Horizontal autoscaling
Horizontal autoscaling adds or removes service instances in response to load — typically CPU, memory, or a custom metric like queue depth. In Kubernetes this is the HorizontalPodAutoscaler resource; on AWS it's an Auto Scaling Group. The trade-off vs vertical autoscaling: horizontal scales further but requires the workload to be stateless or session-affine.
Horizontal autoscaling works when the bottleneck is parallelisable: more web servers handle more requests, more workers drain a queue faster. It fails when the bottleneck is centralised — adding web servers doesn't help if the database is the constraint. Healthy autoscaling configuration: scale up fast (within 1-2 minutes of saturation) to handle traffic spikes; scale down slowly (over 10-15 minutes) to avoid thrashing on noisy signals; pin a minimum floor that absorbs base traffic without cold-start latency; pin a maximum ceiling that protects downstream dependencies from sudden 10x load.
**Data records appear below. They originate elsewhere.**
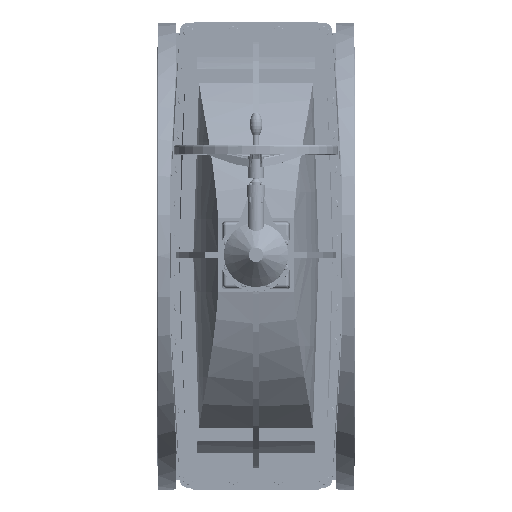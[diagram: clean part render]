
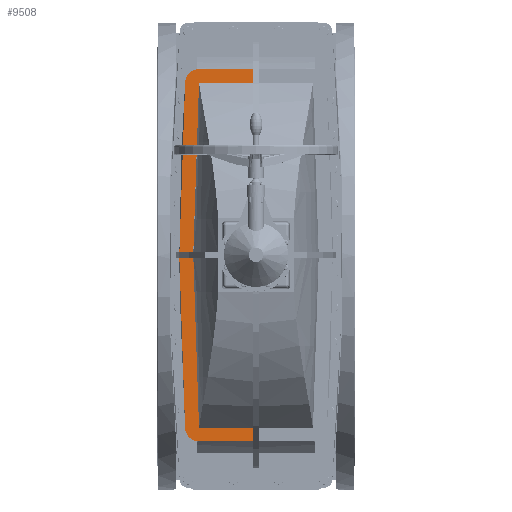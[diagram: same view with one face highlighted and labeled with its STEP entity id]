
A CAD part, top view. The second image highlights one B-rep face of the part: STEP entity #9508.
In plain terms, the highlighted planar face has unit normal (0, 0, 1).
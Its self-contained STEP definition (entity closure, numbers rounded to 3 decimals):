
#9508=ADVANCED_FACE('',(#17904),#17906,.T.);
#17904=FACE_BOUND('',#17905,.T.);
#17905=EDGE_LOOP('',(#31179,#31180,#31181,#31182,#31183,#31184,#31185,#31186,#31187,
#31188,#31189,#31190,#31191,#31192));
#17906=PLANE('',#17907);
#17907=AXIS2_PLACEMENT_3D('',#17908,#17909,#17910);
#17908=CARTESIAN_POINT('',(0.,0.,339.));
#17909=DIRECTION('',(0.,0.,1.));
#17910=DIRECTION('',(1.,0.,0.));
#31179=ORIENTED_EDGE('',*,*,#37355,.F.);
#31180=ORIENTED_EDGE('',*,*,#37356,.T.);
#31181=ORIENTED_EDGE('',*,*,#37211,.T.);
#31182=ORIENTED_EDGE('',*,*,#37300,.T.);
#31183=ORIENTED_EDGE('',*,*,#37315,.T.);
#31184=ORIENTED_EDGE('',*,*,#37254,.T.);
#31185=ORIENTED_EDGE('',*,*,#37244,.T.);
#31186=ORIENTED_EDGE('',*,*,#37357,.T.);
#31187=ORIENTED_EDGE('',*,*,#37358,.F.);
#31188=ORIENTED_EDGE('',*,*,#37359,.T.);
#31189=ORIENTED_EDGE('',*,*,#37342,.T.);
#31190=ORIENTED_EDGE('',*,*,#37306,.T.);
#31191=ORIENTED_EDGE('',*,*,#37324,.T.);
#31192=ORIENTED_EDGE('',*,*,#37360,.T.);
#37211=EDGE_CURVE('',#43084,#43102,#43104,.F.);
#37244=EDGE_CURVE('',#43170,#43167,#43171,.F.);
#37254=EDGE_CURVE('',#43189,#43170,#43190,.F.);
#37300=EDGE_CURVE('',#43102,#43264,#43265,.T.);
#37306=EDGE_CURVE('',#43274,#43275,#43276,.T.);
#37315=EDGE_CURVE('',#43264,#43189,#43292,.F.);
#37324=EDGE_CURVE('',#43275,#43303,#43306,.T.);
#37342=EDGE_CURVE('',#43321,#43274,#43336,.F.);
#37355=EDGE_CURVE('',#43357,#43358,#43359,.F.);
#37356=EDGE_CURVE('',#43357,#43084,#43360,.T.);
#37357=EDGE_CURVE('',#43167,#43361,#43362,.T.);
#37358=EDGE_CURVE('',#43363,#43361,#43364,.F.);
#37359=EDGE_CURVE('',#43363,#43321,#43365,.T.);
#37360=EDGE_CURVE('',#43303,#43358,#43366,.T.);
#43084=VERTEX_POINT('',#62442);
#43102=VERTEX_POINT('',#62480);
#43104=LINE('',#62485,#62486);
#43167=VERTEX_POINT('',#62622);
#43170=VERTEX_POINT('',#62627);
#43171=LINE('',#62628,#62629);
#43189=VERTEX_POINT('',#62669);
#43190=LINE('',#62670,#62671);
#43264=VERTEX_POINT('',#63147);
#43265=LINE('',#63148,#63149);
#43274=VERTEX_POINT('',#63226);
#43275=VERTEX_POINT('',#63227);
#43276=LINE('',#63228,#63229);
#43292=B_SPLINE_CURVE_WITH_KNOTS('',3,
(#63266,#63267,#63268,#63269,#63270,#63271,#63272,#63273,#63274,#63275,#63276,#63277,
#63278,#63279,#63280,#63281),
.UNSPECIFIED.,.F.,.F.,
(4,1,1,1,1,1,1,1,1,1,1,1,1,4),
(0.,0.037,0.093,0.139,0.228,0.306,
0.431,0.5,0.544,0.671,0.802,
0.868,0.962,1.),
.UNSPECIFIED.);
#43303=VERTEX_POINT('',#63363);
#43306=LINE('',#63368,#63369);
#43321=VERTEX_POINT('',#63402);
#43336=LINE('',#63436,#63437);
#43357=VERTEX_POINT('',#63479);
#43358=VERTEX_POINT('',#63480);
#43359=CIRCLE('',#63481,44.333);
#43360=LINE('',#63485,#63486);
#43361=VERTEX_POINT('',#63488);
#43362=LINE('',#63489,#63490);
#43363=VERTEX_POINT('',#63492);
#43364=CIRCLE('',#63493,44.333);
#43365=TRIMMED_CURVE('',#63497,(PARAMETER_VALUE(0.)),(PARAMETER_VALUE(0.491)),
.T.,.PARAMETER.);
#43366=TRIMMED_CURVE('',#63498,(PARAMETER_VALUE(0.509)),(PARAMETER_VALUE(
1.)),.T.,.PARAMETER.);
#62442=CARTESIAN_POINT('',(-591.478,9.5,339.));
#62480=CARTESIAN_POINT('',(-547.869,9.5,339.));
#62485=CARTESIAN_POINT('',(-547.869,9.5,339.));
#62486=VECTOR('',#62487,1.);
#62487=DIRECTION('',(-1.,0.,0.));
#62622=CARTESIAN_POINT('',(591.478,9.5,339.));
#62627=CARTESIAN_POINT('',(547.869,9.5,339.));
#62628=CARTESIAN_POINT('',(591.478,9.5,339.));
#62629=VECTOR('',#62630,1.);
#62630=DIRECTION('',(-1.,0.,0.));
#62669=CARTESIAN_POINT('',(547.869,181.096,339.));
#62670=CARTESIAN_POINT('',(547.869,9.5,339.));
#62671=VECTOR('',#62672,1.);
#62672=DIRECTION('',(0.,1.,0.));
#63147=CARTESIAN_POINT('',(-547.869,181.096,339.));
#63148=CARTESIAN_POINT('',(-547.869,9.5,339.));
#63149=VECTOR('',#63150,1.);
#63150=DIRECTION('',(0.,1.,0.));
#63226=CARTESIAN_POINT('',(9.5,199.283,339.));
#63227=CARTESIAN_POINT('',(-9.5,199.283,339.));
#63228=CARTESIAN_POINT('',(9.5,199.283,339.));
#63229=VECTOR('',#63230,1.);
#63230=DIRECTION('',(-1.,0.,0.));
#63266=CARTESIAN_POINT('',(547.869,181.096,339.));
#63267=CARTESIAN_POINT('',(534.363,181.994,339.));
#63268=CARTESIAN_POINT('',(500.594,184.155,339.));
#63269=CARTESIAN_POINT('',(449.922,187.086,339.));
#63270=CARTESIAN_POINT('',(380.081,190.651,339.));
#63271=CARTESIAN_POINT('',(302.321,193.919,339.));
#63272=CARTESIAN_POINT('',(195.767,197.216,339.));
#63273=CARTESIAN_POINT('',(96.488,198.955,339.));
#63274=CARTESIAN_POINT('',(9.333,199.357,339.));
#63275=CARTESIAN_POINT('',(-78.416,199.101,339.));
#63276=CARTESIAN_POINT('',(-188.873,197.528,339.));
#63277=CARTESIAN_POINT('',(-307.317,193.811,339.));
#63278=CARTESIAN_POINT('',(-413.703,189.075,339.));
#63279=CARTESIAN_POINT('',(-485.888,185.094,339.));
#63280=CARTESIAN_POINT('',(-533.986,182.019,339.));
#63281=CARTESIAN_POINT('',(-547.869,181.096,339.));
#63363=CARTESIAN_POINT('',(-9.5,243.464,339.));
#63368=CARTESIAN_POINT('',(-9.5,199.283,339.));
#63369=VECTOR('',#63370,1.);
#63370=DIRECTION('',(0.,1.,0.));
#63402=CARTESIAN_POINT('',(9.5,243.464,339.));
#63436=CARTESIAN_POINT('',(9.5,199.283,339.));
#63437=VECTOR('',#63438,1.);
#63438=DIRECTION('',(0.,1.,0.));
#63479=CARTESIAN_POINT('',(-591.478,180.995,339.));
#63480=CARTESIAN_POINT('',(-550.082,225.23,339.));
#63481=AXIS2_PLACEMENT_3D('',#63482,#63483,#63484);
#63482=CARTESIAN_POINT('',(-547.144,180.995,339.));
#63483=DIRECTION('',(0.,0.,1.));
#63484=DIRECTION('',(-0.066,0.998,0.));
#63485=CARTESIAN_POINT('',(-591.478,180.995,339.));
#63486=VECTOR('',#63487,1.);
#63487=DIRECTION('',(0.,-1.,0.));
#63488=CARTESIAN_POINT('',(591.478,180.995,339.));
#63489=CARTESIAN_POINT('',(591.478,9.5,339.));
#63490=VECTOR('',#63491,1.);
#63491=DIRECTION('',(0.,1.,0.));
#63492=CARTESIAN_POINT('',(550.082,225.23,339.));
#63493=AXIS2_PLACEMENT_3D('',#63494,#63495,#63496);
#63494=CARTESIAN_POINT('',(547.144,180.995,339.));
#63495=DIRECTION('',(0.,0.,1.));
#63496=DIRECTION('',(1.,0.,0.));
#63497=B_SPLINE_CURVE_WITH_KNOTS('',3,
(#80506,#80507,#80508,#80509,#80510,#80511),
.UNSPECIFIED.,.F.,.F.,
(4,1,1,4),
(0.,0.333,0.667,1.),
.UNSPECIFIED.);
#63498=B_SPLINE_CURVE_WITH_KNOTS('',3,
(#80512,#80513,#80514,#80515,#80516,#80517),
.UNSPECIFIED.,.F.,.F.,
(4,1,1,4),
(0.,0.333,0.667,1.),
.UNSPECIFIED.);
#80506=CARTESIAN_POINT('',(550.082,225.23,339.));
#80507=CARTESIAN_POINT('',(428.017,233.337,339.));
#80508=CARTESIAN_POINT('',(183.533,244.145,339.));
#80509=CARTESIAN_POINT('',(-183.542,244.144,339.));
#80510=CARTESIAN_POINT('',(-428.02,233.336,339.));
#80511=CARTESIAN_POINT('',(-550.082,225.23,339.));
#80512=CARTESIAN_POINT('',(550.082,225.23,339.));
#80513=CARTESIAN_POINT('',(428.017,233.337,339.));
#80514=CARTESIAN_POINT('',(183.533,244.145,339.));
#80515=CARTESIAN_POINT('',(-183.542,244.144,339.));
#80516=CARTESIAN_POINT('',(-428.02,233.336,339.));
#80517=CARTESIAN_POINT('',(-550.082,225.23,339.));

The pessimistic scaling configurations win in production; the aggressive ones look efficient on paper and explode on incident day.
Related terms
- Vertical autoscaling
Vertical autoscaling resizes an existing instance — adding CPU, memory, or storage — rather than adding more instances.
- Saturation
Saturation is the measure of how full the most-constrained resource of a system is — CPU, memory, IOPS, network bandwidth, queue depth, file descriptors.
- Rate limiting
Rate limiting caps the number of requests a client can make to a service within a defined window — typically expressed as 'N requests per second' or 'N requests per minute per API key'.